A reasonable analogy here is the stock exchange. We often hear of a low for the year, or a record high, etc. That reflects a Dow calculation on a sample of stocks. A different sample might well lead to a non-record. And indeed, there are many indices based on different samples. That doesn't seem to bother anyone.
What I find very annoying about the GISS/NOAA account is that in giving probabilities of 2014 being a record, they don't say if it for the same sample. I suspect it includes sample variation. But in fact we have very little sample variation. In 2010 we measured in much the same places as 2014. It makes a big difference.
Time sampling uncertainty.This is another often quoted, usually misunderstood error. It most frequently arises with trends of a temperature series. They are quoted with an uncertainty which reflects a model of variation within timesteps. I do those calculations on the trend page and have written a lot about what that uncertainty means. The important distinction is that it is not an error in the trend that was. It is an uncertainty in the trend that might have been if the climate could be rerun with a new instance of random variation. That might sound silly, but it does have some relevance to extrapolating trends into the future. Maybe you think that is silly too.
Briggs has a muddled but interesting article, trenchantly deprecating this use of CI's. RealClimate cited a trend (actually just quoting Cowtan and Way) as 0.116 +/- 0.137. Said Briggs:
"Here’s where it becomes screwy. If that is the working definition of trend, then 0.116 (assuming no miscalculation) is the value. There is no need for that “+/- 0.137? business. Either the trend was 0.116 or it wasn’t. What could the plus or minus bounds mean? They have no physical meaning, just as the blue line has none. The data happened as we saw, so there can not be any uncertainty in what happened to the data. The error bounds are persiflage in this context."

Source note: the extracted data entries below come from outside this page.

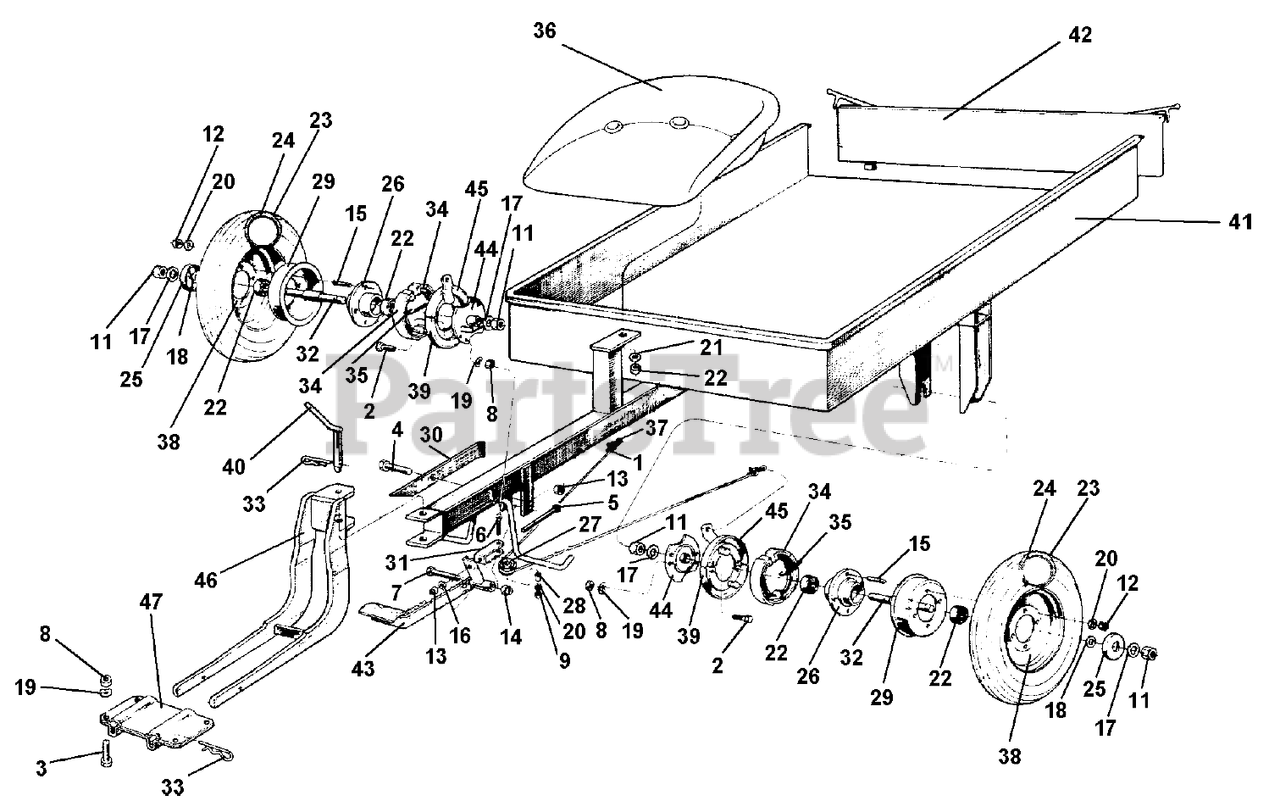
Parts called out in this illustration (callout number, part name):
1	CABLE CLAMP
2	SCREW M8 X 14
5	SCREW M8 X 115
6	SCREW M10 X 30
11	NUT M14 UNI 5588-5S
13	NUT, SELF LOCKING M8
14	NUT, SELF LOCKING M12
15	STUD M10 X 40 X 22 X 14
16	WASHER, FLAT 8.4
17	WASHER, FLAT 15
18	FLAT WASHER
19	WASHER, LOCK 8.4
20	WASHER, LOCK 10.5
21	WASHER, LOCK 13
22	BEARING 6202 Z 15 X 35 X 11
25	OUTSIDE HUB
27	BRAKE PULLEY
31	PULLEY FORK
32	WHEEL SHAFT
37	BRAKE CABLE
41	TRAILER BED
44	INSIDE RIGHT FLANGE
45	BRAKE DISC WITH SUPPORT
47	TOWBAR SUPPORT
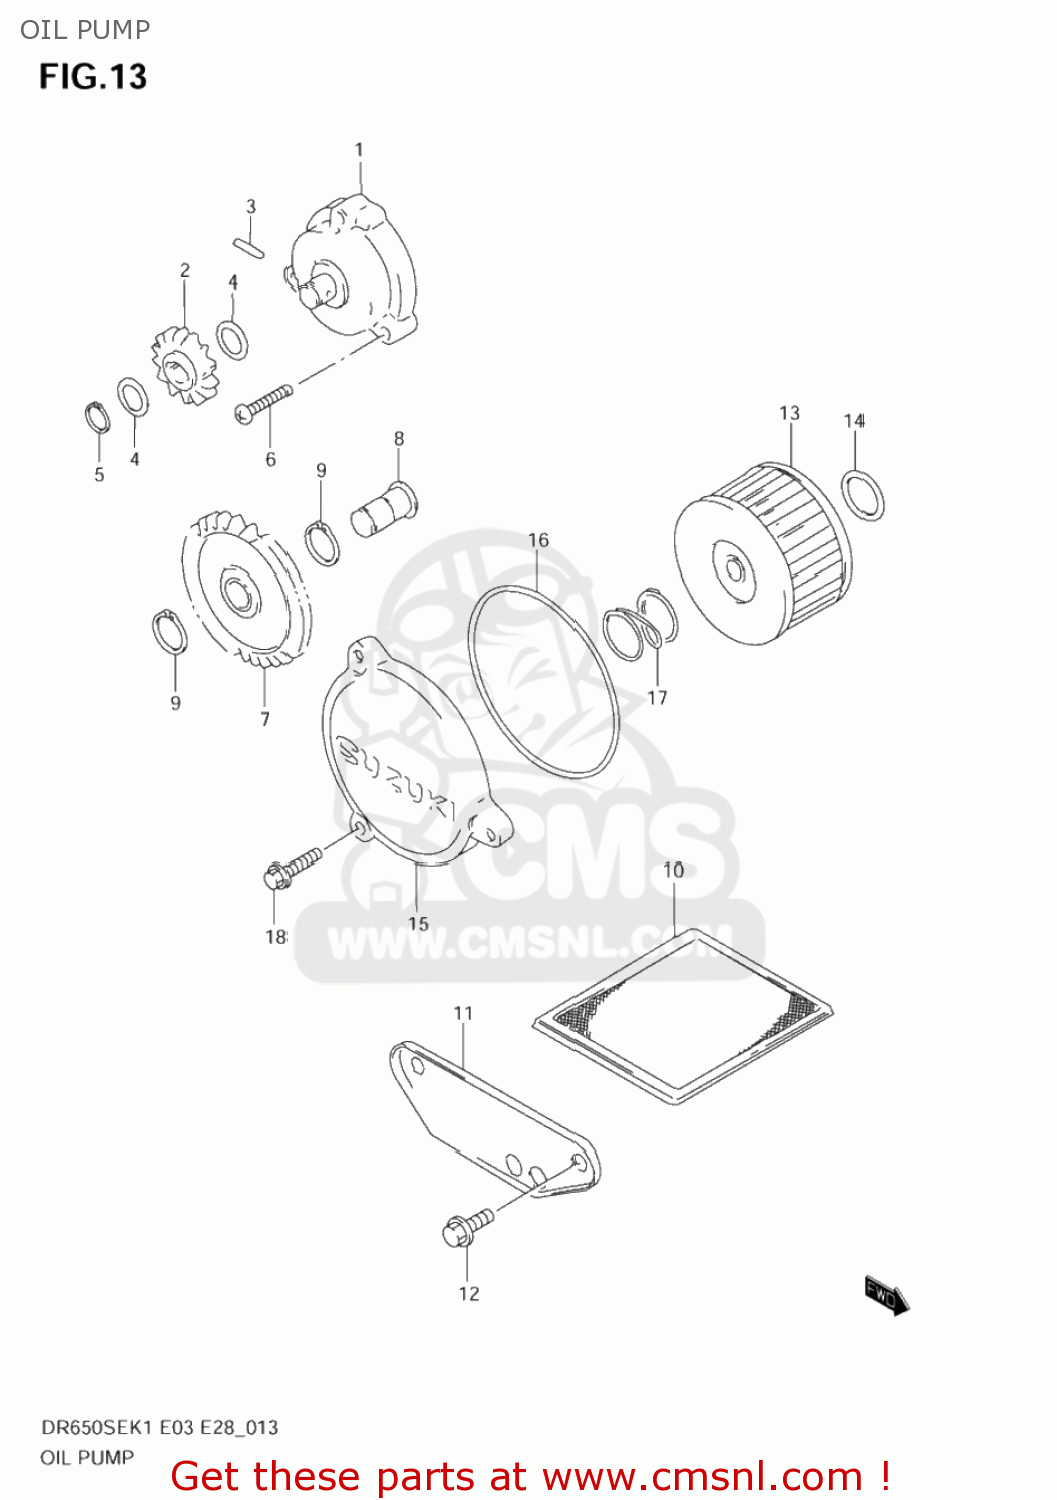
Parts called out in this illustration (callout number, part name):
1	PUMP ASSY,ENGINE OIL
2	GEAR,ENG OIL PUMP DRIVEN
3	PIN(4X15.8)
4	SHIM
5	CIRCLIP,10MM
6	SCREW
7	GEAR,OIL PUMP DRIVE(NT:30)
8	SHAFT,ENGINE OIL PUMP DRIVE
9	CIRCLIP,12 MM
10	STRAINER,ENGINE OIL
11	CAP,OIL STRAINER
12	BOLT 6X12
13	FILTER ASSY,ENGINE OIL
14	O RING(D:2.4,ID:15.8)
15	CAP,OIL FILTER
16	O RING(D:2.4,ID:73)
17	SPRING
18	BOLT

I don't totally disagree. 0.116 is the trend that was. The interesting thing is, you can say the same about the commonly quoted standard error of the mean. Each is just a weighted sum, with the error calculated by adding the weighted variances.
I've used this analogy. If you have averaged the weights of 100 people, the CI you need depends on what you want to use the average for. If it is to estimate the average weight of the population of which they are a fair sample, then you need the se. But if you are loading a boat, and want to know if it can carry them, the se is of no use. You want average instrumental error, if anything.
And the thing about trend is, you often are interested in a particular decade, not in its status as a sample. That is why I inveigh against people who want to say there was no warming over period x because, well, there was, and maybe a lot, but it isn't statistically significant. SS is about whether it might, in some far-fetched circumstances, happen again. Not about whether it actually happened.
Briggs is right on that. Of course I couldn't resist noting that in his recent paper with Monckton, such CI's featured prominently, with all the usual misinterpretations. No response - there never is there.
Statistical TieOK, this a pet peeve of mine. CI's are complicated, especially with such different bases, and people who can't cope often throw up their hands and say it is a "statistical tie". But that is complete nonsense. And I was sorry to see it crop up in Hansen's 2014 summary (Appendix) where 2014, 2010 and 2005 were declared to be "statistically tied".
You often see this in political polling, where a journalist has been told to worry about sampling error, and so declares a race where A polls 52%, B 48% with sampling error, as a "statistical tie".
But of course it isn't. Any pol would rather be on 52%. And such a margin close to the election usually presages a win. Any Bayesian could sort that out.
2014 was the warmest year. It doesn't matter how you juggle probabilities. There is no year with a better claim.